━━━━━ EXERCISE MATERIALS ━━━━━
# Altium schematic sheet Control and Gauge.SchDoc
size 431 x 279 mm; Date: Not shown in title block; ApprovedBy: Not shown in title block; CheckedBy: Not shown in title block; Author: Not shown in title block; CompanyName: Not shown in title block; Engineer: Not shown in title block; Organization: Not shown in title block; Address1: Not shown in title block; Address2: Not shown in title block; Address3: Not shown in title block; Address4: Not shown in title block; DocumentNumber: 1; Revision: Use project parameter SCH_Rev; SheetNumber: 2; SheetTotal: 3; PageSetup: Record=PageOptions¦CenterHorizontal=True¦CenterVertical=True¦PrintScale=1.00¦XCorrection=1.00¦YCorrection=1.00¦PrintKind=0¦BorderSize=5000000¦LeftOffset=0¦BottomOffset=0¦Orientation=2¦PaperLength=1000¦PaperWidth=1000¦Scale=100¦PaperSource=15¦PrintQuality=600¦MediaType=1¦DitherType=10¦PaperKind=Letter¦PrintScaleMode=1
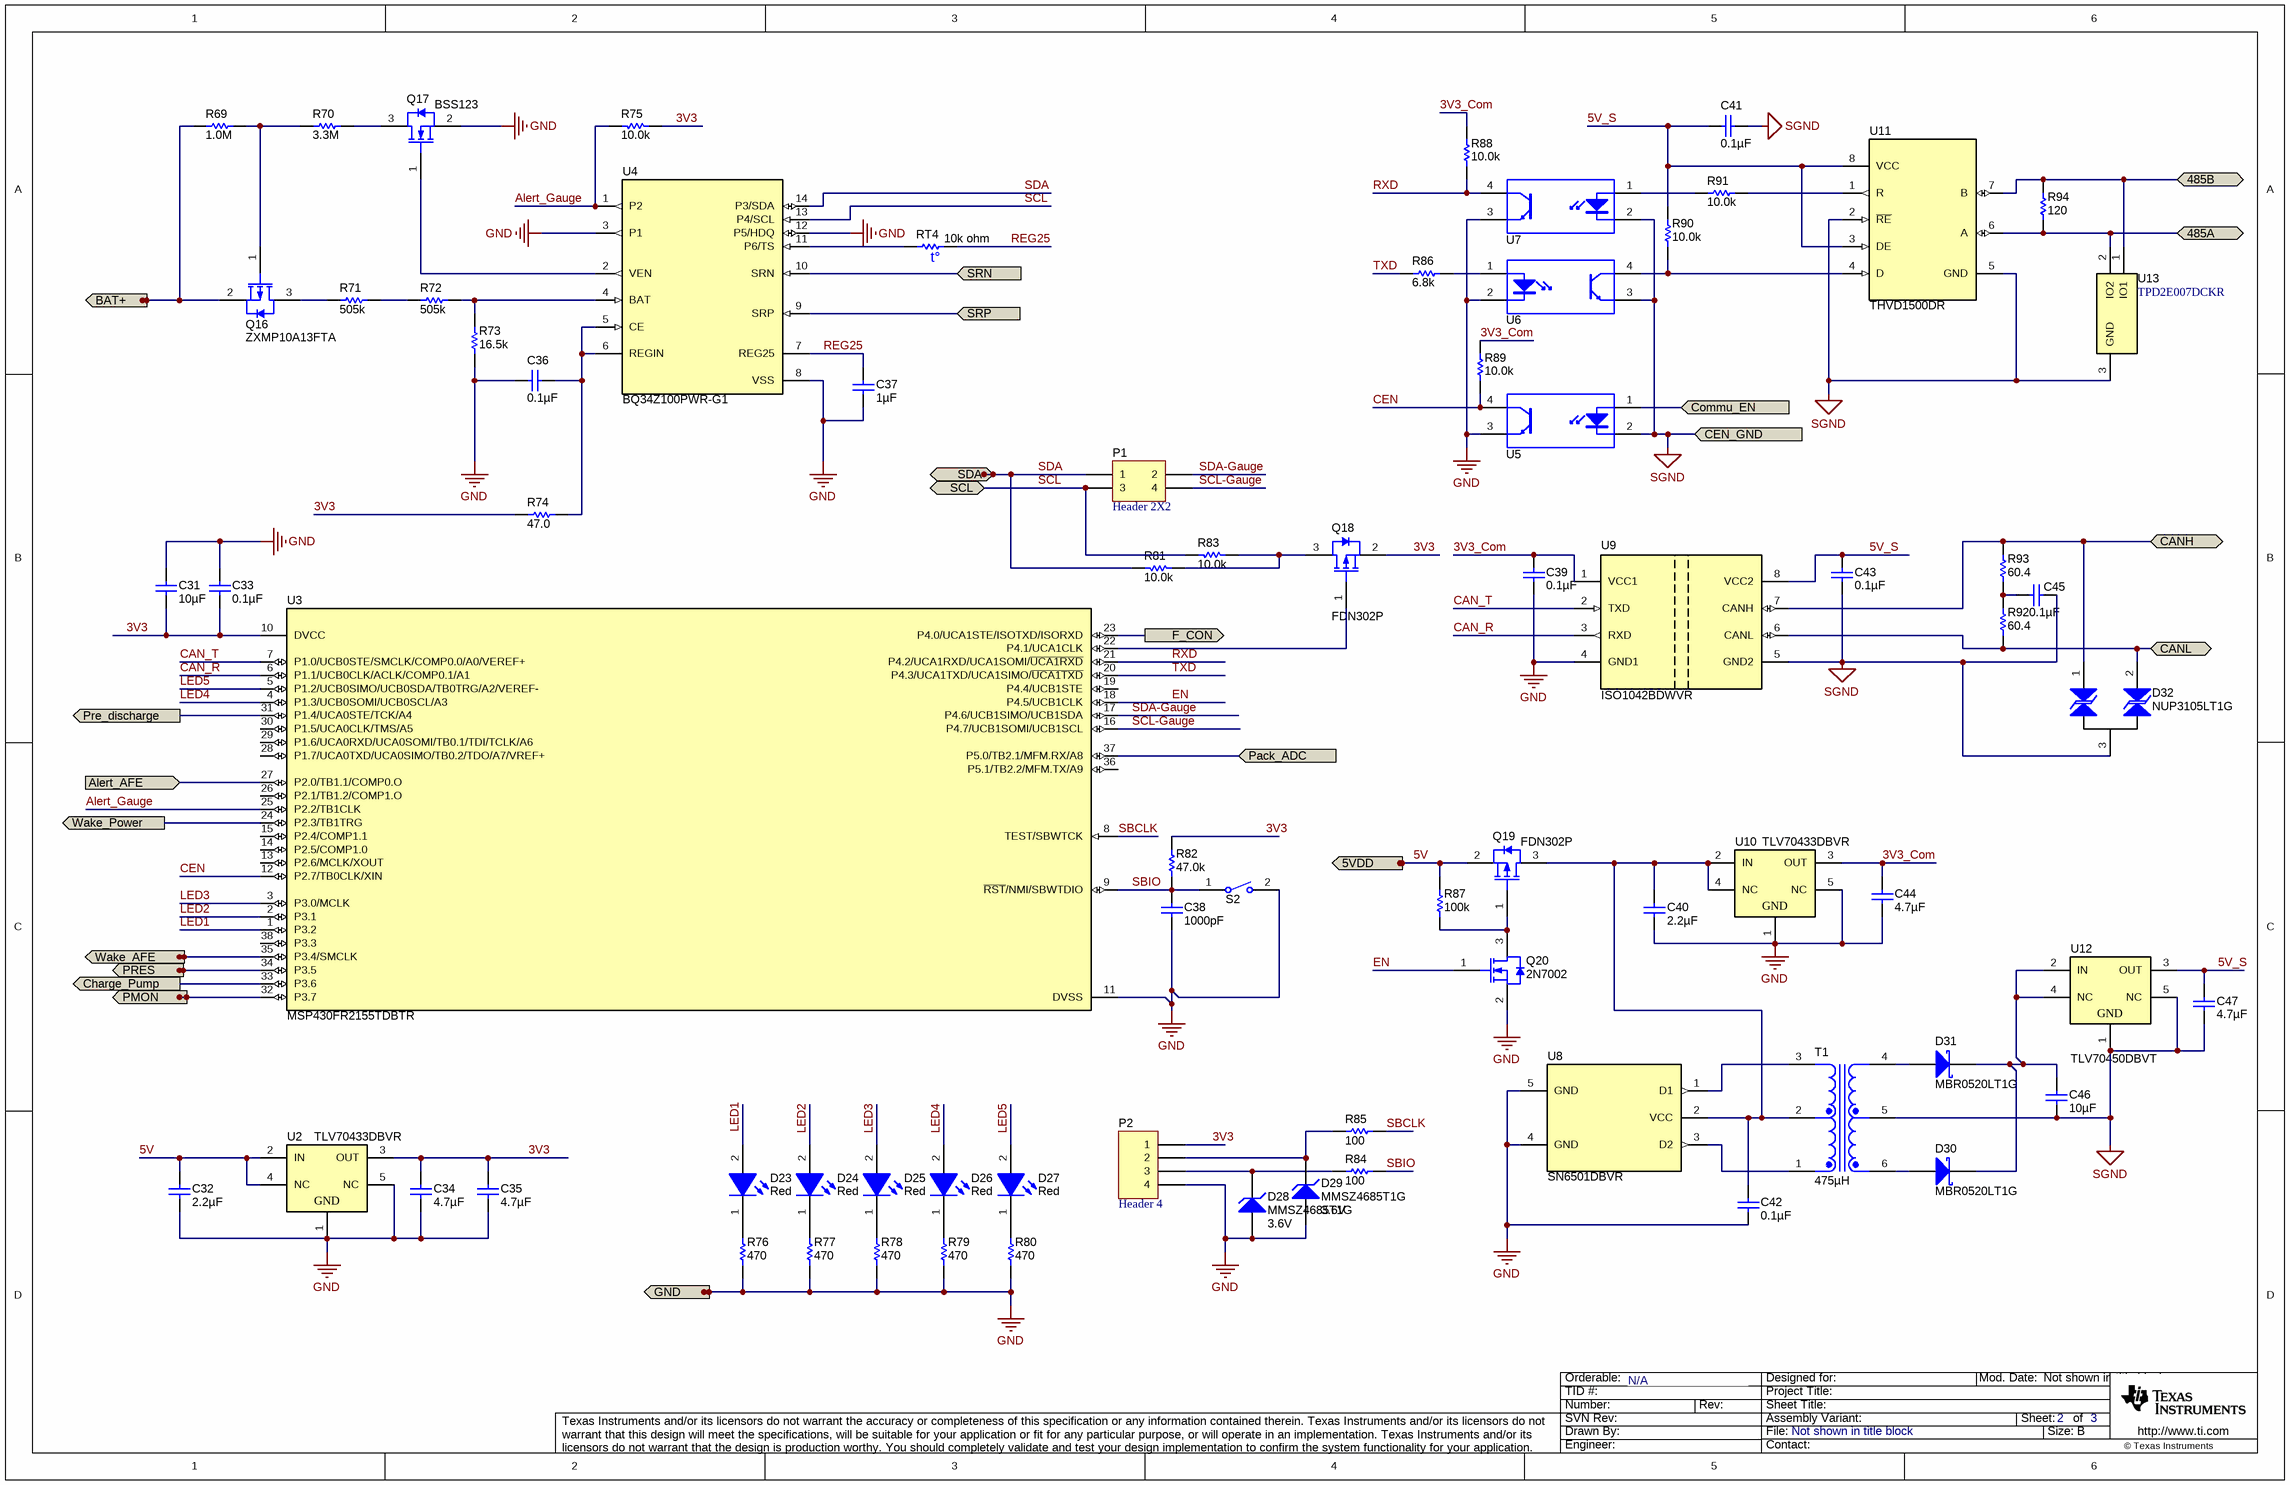
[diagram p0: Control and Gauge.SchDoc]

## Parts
C31  ValueDisplayed: 10µF  [0805_HV]  (hidden comment: CL21B106KOQNNNE)
C32  ValueDisplayed: 2.2µF  [0603]  (hidden comment: GRM188R71A225KE15D)
C33  ValueDisplayed: 0.1µF  [0603]  (hidden comment: GRM188R71C104KA01D)
C34  ValueDisplayed: 4.7µF  [0603]  (hidden comment: GRM188R61C475KAAJ)
C35  ValueDisplayed: 4.7µF  [0603]  (hidden comment: GRM188R61C475KAAJ)
C36  ValueDisplayed: 0.1µF  [0603]  (hidden comment: GRM188R71H104KA93D)
C37  ValueDisplayed: 1µF  [0603]  (hidden comment: GRM188R71C105KE15D)
C38  ValueDisplayed: 1000pF  [0603S]  (hidden comment: GRM1885C1H102JA01D)
C39  ValueDisplayed: 0.1µF  [0603]  (hidden comment: GRM188R71C104KA01D)
C40  ValueDisplayed: 2.2µF  [0603]  (hidden comment: GRM188R71A225KE15D)
C41  ValueDisplayed: 0.1µF  [0603]  (hidden comment: GRM188R71H104KA93D)
C42  ValueDisplayed: 0.1µF  [0603]  (hidden comment: GRM188R71C104KA01D)
C43  ValueDisplayed: 0.1µF  [0603]  (hidden comment: GRM188R71H104KA93D)
C44  ValueDisplayed: 4.7µF  [0603]  (hidden comment: GRM188R61C475KAAJ)
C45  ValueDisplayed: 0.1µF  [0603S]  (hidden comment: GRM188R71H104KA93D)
━━━━━
_WORK INSTRUCTIONS_
Give an exact copy of the data, and omit any pictures it holds.

_RESPONSE AREA_
# Altium schematic sheet Control and Gauge.SchDoc
size 431 x 279 mm; Date: Not shown in title block; ApprovedBy: Not shown in title block; CheckedBy: Not shown in title block; Author: Not shown in title block; CompanyName: Not shown in title block; Engineer: Not shown in title block; Organization: Not shown in title block; Address1: Not shown in title block; Address2: Not shown in title block; Address3: Not shown in title block; Address4: Not shown in title block; DocumentNumber: 1; Revision: Use project parameter SCH_Rev; SheetNumber: 2; SheetTotal: 3; PageSetup: Record=PageOptions¦CenterHorizontal=True¦CenterVertical=True¦PrintScale=1.00¦XCorrection=1.00¦YCorrection=1.00¦PrintKind=0¦BorderSize=5000000¦LeftOffset=0¦BottomOffset=0¦Orientation=2¦PaperLength=1000¦PaperWidth=1000¦Scale=100¦PaperSource=15¦PrintQuality=600¦MediaType=1¦DitherType=10¦PaperKind=Letter¦PrintScaleMode=1
[diagram p0: Control and Gauge.SchDoc]

## Parts
C31  ValueDisplayed: 10µF  [0805_HV]  (hidden comment: CL21B106KOQNNNE)
C32  ValueDisplayed: 2.2µF  [0603]  (hidden comment: GRM188R71A225KE15D)
C33  ValueDisplayed: 0.1µF  [0603]  (hidden comment: GRM188R71C104KA01D)
C34  ValueDisplayed: 4.7µF  [0603]  (hidden comment: GRM188R61C475KAAJ)
C35  ValueDisplayed: 4.7µF  [0603]  (hidden comment: GRM188R61C475KAAJ)
C36  ValueDisplayed: 0.1µF  [0603]  (hidden comment: GRM188R71H104KA93D)
C37  ValueDisplayed: 1µF  [0603]  (hidden comment: GRM188R71C105KE15D)
C38  ValueDisplayed: 1000pF  [0603S]  (hidden comment: GRM1885C1H102JA01D)
C39  ValueDisplayed: 0.1µF  [0603]  (hidden comment: GRM188R71C104KA01D)
C40  ValueDisplayed: 2.2µF  [0603]  (hidden comment: GRM188R71A225KE15D)
C41  ValueDisplayed: 0.1µF  [0603]  (hidden comment: GRM188R71H104KA93D)
C42  ValueDisplayed: 0.1µF  [0603]  (hidden comment: GRM188R71C104KA01D)
C43  ValueDisplayed: 0.1µF  [0603]  (hidden comment: GRM188R71H104KA93D)
C44  ValueDisplayed: 4.7µF  [0603]  (hidden comment: GRM188R61C475KAAJ)
C45  ValueDisplayed: 0.1µF  [0603S]  (hidden comment: GRM188R71H104KA93D)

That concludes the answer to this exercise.